Source data below:

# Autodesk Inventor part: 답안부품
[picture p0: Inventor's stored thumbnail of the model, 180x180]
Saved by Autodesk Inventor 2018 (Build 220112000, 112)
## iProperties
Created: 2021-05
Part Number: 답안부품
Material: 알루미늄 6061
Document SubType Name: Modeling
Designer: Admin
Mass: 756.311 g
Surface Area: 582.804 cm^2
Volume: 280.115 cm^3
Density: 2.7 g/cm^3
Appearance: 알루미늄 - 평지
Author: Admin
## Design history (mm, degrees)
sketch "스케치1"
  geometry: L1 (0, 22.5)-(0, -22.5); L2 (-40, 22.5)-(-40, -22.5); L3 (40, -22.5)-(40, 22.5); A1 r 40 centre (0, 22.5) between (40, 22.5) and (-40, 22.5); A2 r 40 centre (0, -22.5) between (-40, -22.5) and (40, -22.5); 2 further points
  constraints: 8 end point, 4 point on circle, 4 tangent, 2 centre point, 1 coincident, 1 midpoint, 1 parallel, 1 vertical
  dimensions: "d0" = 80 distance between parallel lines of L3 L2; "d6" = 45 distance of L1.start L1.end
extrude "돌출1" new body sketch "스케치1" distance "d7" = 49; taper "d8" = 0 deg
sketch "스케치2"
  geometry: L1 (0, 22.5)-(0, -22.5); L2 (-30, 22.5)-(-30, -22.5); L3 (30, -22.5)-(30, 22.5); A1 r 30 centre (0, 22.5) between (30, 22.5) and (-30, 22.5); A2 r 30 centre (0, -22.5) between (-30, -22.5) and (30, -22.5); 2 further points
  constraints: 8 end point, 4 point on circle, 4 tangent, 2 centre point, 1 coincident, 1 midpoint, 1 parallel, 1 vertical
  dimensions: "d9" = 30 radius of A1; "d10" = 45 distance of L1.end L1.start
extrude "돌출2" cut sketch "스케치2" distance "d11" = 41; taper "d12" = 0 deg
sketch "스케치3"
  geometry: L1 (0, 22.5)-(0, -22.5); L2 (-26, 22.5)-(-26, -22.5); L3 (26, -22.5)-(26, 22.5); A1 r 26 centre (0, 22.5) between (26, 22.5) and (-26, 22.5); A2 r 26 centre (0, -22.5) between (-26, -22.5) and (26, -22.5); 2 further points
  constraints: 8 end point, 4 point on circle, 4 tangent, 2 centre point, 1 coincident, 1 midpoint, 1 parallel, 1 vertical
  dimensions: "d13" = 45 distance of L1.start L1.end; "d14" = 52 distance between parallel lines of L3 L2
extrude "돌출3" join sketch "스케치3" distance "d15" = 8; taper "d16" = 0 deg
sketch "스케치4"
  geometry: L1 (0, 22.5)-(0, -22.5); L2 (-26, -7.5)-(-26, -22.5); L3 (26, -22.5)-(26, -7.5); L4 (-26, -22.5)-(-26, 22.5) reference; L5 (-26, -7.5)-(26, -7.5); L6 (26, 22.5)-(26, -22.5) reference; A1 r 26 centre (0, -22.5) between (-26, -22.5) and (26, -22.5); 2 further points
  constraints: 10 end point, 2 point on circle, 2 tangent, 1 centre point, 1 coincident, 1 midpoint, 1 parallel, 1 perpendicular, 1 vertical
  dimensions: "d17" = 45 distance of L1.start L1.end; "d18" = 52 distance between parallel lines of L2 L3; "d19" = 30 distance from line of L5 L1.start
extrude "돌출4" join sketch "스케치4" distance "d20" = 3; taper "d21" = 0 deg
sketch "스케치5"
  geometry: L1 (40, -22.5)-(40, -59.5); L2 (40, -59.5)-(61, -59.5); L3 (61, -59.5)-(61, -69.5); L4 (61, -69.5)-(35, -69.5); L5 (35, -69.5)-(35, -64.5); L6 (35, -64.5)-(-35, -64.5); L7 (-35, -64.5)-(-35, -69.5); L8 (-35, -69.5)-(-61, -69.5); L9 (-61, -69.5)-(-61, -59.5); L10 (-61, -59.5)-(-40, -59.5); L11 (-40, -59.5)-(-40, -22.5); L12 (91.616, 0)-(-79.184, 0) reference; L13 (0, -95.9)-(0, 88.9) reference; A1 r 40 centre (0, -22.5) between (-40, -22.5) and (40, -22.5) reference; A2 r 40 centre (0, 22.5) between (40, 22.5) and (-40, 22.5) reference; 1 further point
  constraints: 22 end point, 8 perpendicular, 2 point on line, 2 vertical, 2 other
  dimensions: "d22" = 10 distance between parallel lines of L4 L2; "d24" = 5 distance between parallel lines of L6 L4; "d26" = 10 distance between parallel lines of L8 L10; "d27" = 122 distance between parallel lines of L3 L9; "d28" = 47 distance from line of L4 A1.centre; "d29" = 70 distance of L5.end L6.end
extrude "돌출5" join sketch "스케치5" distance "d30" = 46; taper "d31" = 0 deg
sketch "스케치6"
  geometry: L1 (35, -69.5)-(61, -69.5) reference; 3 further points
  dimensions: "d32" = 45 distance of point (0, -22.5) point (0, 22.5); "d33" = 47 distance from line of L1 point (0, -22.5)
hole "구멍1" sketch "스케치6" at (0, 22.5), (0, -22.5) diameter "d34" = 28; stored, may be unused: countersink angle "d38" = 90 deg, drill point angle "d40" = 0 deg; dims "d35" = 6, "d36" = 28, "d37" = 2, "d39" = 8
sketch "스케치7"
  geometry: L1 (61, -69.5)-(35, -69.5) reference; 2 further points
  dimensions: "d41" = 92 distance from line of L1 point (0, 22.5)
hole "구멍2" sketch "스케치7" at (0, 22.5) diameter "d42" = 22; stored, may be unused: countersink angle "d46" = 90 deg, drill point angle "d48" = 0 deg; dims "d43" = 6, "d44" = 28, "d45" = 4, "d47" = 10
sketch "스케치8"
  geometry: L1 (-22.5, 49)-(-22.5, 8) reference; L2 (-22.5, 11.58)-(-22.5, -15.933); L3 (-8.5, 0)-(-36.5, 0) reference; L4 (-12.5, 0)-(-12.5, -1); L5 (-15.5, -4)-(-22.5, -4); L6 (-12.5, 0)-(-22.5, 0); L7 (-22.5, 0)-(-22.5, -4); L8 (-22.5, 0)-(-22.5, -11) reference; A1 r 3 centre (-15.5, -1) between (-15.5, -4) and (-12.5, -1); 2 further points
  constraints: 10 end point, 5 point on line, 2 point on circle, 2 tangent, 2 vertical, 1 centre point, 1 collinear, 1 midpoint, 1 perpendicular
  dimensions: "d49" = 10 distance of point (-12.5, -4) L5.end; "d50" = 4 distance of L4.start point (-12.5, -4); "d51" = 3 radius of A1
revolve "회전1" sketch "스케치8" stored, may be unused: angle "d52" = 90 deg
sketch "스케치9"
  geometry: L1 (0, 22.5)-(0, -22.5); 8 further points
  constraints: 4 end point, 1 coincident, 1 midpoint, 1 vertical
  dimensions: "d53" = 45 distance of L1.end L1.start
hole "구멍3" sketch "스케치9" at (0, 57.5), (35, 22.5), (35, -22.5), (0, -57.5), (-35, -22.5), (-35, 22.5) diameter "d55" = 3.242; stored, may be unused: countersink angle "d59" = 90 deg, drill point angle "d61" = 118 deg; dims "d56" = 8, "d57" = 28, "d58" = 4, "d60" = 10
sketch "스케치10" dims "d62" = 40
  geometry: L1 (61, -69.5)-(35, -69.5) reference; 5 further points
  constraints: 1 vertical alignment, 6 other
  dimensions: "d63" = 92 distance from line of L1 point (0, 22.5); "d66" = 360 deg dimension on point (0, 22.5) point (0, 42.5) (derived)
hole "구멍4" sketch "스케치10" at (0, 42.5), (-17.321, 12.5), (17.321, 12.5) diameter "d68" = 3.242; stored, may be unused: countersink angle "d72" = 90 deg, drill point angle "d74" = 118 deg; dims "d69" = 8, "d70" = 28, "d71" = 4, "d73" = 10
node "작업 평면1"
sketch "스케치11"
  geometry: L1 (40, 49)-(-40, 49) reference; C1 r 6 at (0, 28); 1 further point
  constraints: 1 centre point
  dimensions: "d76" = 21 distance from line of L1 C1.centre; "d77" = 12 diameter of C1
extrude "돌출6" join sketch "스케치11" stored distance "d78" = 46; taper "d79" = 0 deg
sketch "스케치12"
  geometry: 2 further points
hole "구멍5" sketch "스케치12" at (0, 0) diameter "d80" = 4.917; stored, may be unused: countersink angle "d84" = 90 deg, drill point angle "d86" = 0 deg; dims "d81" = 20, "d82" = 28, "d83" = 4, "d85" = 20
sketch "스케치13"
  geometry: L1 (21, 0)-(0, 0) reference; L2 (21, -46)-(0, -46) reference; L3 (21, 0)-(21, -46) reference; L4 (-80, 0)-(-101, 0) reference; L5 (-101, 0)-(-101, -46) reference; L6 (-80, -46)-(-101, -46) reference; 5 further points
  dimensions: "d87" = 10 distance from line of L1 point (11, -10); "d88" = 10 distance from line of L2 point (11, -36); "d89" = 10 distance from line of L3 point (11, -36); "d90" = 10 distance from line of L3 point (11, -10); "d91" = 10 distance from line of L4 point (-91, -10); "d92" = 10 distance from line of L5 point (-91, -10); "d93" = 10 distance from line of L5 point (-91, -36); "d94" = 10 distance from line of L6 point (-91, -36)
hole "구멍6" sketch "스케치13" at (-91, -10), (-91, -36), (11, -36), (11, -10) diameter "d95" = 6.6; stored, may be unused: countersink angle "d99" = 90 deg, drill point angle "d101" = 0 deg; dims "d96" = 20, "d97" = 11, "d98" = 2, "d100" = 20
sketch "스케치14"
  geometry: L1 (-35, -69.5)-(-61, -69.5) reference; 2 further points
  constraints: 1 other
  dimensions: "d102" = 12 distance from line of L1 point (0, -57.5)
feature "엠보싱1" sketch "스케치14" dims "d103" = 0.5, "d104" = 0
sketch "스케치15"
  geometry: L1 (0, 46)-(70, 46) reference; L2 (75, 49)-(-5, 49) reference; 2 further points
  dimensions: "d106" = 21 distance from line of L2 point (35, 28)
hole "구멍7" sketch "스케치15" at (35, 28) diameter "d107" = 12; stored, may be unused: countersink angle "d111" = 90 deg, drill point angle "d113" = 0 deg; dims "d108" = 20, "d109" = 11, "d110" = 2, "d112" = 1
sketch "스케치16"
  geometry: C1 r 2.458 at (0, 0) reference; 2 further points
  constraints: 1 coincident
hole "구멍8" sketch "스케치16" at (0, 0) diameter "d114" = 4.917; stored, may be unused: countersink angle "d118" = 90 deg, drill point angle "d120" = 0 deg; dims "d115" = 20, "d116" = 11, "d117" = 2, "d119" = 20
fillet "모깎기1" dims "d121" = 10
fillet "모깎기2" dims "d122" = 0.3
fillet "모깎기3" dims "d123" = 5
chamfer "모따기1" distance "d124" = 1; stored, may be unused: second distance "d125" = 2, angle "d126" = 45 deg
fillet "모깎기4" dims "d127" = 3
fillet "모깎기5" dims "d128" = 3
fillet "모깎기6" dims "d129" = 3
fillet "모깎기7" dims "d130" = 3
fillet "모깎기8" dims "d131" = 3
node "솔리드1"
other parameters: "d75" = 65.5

End of Source data.

* [What needs to be done]:
From the very first line of the data through the line with "geometry: L1 (0, 22.5)-(0, -22.5); L2 (-26, 22.5)-(-26, -22.5);" in it, please reproduce each line exactly and output nothing more.

* [Answer box]:
# Autodesk Inventor part: 답안부품
[picture p0: Inventor's stored thumbnail of the model, 180x180]
Saved by Autodesk Inventor 2018 (Build 220112000, 112)
## iProperties
Created: 2021-05
Part Number: 답안부품
Material: 알루미늄 6061
Document SubType Name: Modeling
Designer: Admin
Mass: 756.311 g
Surface Area: 582.804 cm^2
Volume: 280.115 cm^3
Density: 2.7 g/cm^3
Appearance: 알루미늄 - 평지
Author: Admin
## Design history (mm, degrees)
sketch "스케치1"
  geometry: L1 (0, 22.5)-(0, -22.5); L2 (-40, 22.5)-(-40, -22.5); L3 (40, -22.5)-(40, 22.5); A1 r 40 centre (0, 22.5) between (40, 22.5) and (-40, 22.5); A2 r 40 centre (0, -22.5) between (-40, -22.5) and (40, -22.5); 2 further points
  constraints: 8 end point, 4 point on circle, 4 tangent, 2 centre point, 1 coincident, 1 midpoint, 1 parallel, 1 vertical
  dimensions: "d0" = 80 distance between parallel lines of L3 L2; "d6" = 45 distance of L1.start L1.end
extrude "돌출1" new body sketch "스케치1" distance "d7" = 49; taper "d8" = 0 deg
sketch "스케치2"
  geometry: L1 (0, 22.5)-(0, -22.5); L2 (-30, 22.5)-(-30, -22.5); L3 (30, -22.5)-(30, 22.5); A1 r 30 centre (0, 22.5) between (30, 22.5) and (-30, 22.5); A2 r 30 centre (0, -22.5) between (-30, -22.5) and (30, -22.5); 2 further points
  constraints: 8 end point, 4 point on circle, 4 tangent, 2 centre point, 1 coincident, 1 midpoint, 1 parallel, 1 vertical
  dimensions: "d9" = 30 radius of A1; "d10" = 45 distance of L1.end L1.start
extrude "돌출2" cut sketch "스케치2" distance "d11" = 41; taper "d12" = 0 deg
sketch "스케치3"
  geometry: L1 (0, 22.5)-(0, -22.5); L2 (-26, 22.5)-(-26, -22.5); L3 (26, -22.5)-(26, 22.5); A1 r 26 centre (0, 22.5) between (26, 22.5) and (-26, 22.5); A2 r 26 centre (0, -22.5) between (-26, -22.5) and (26, -22.5); 2 further points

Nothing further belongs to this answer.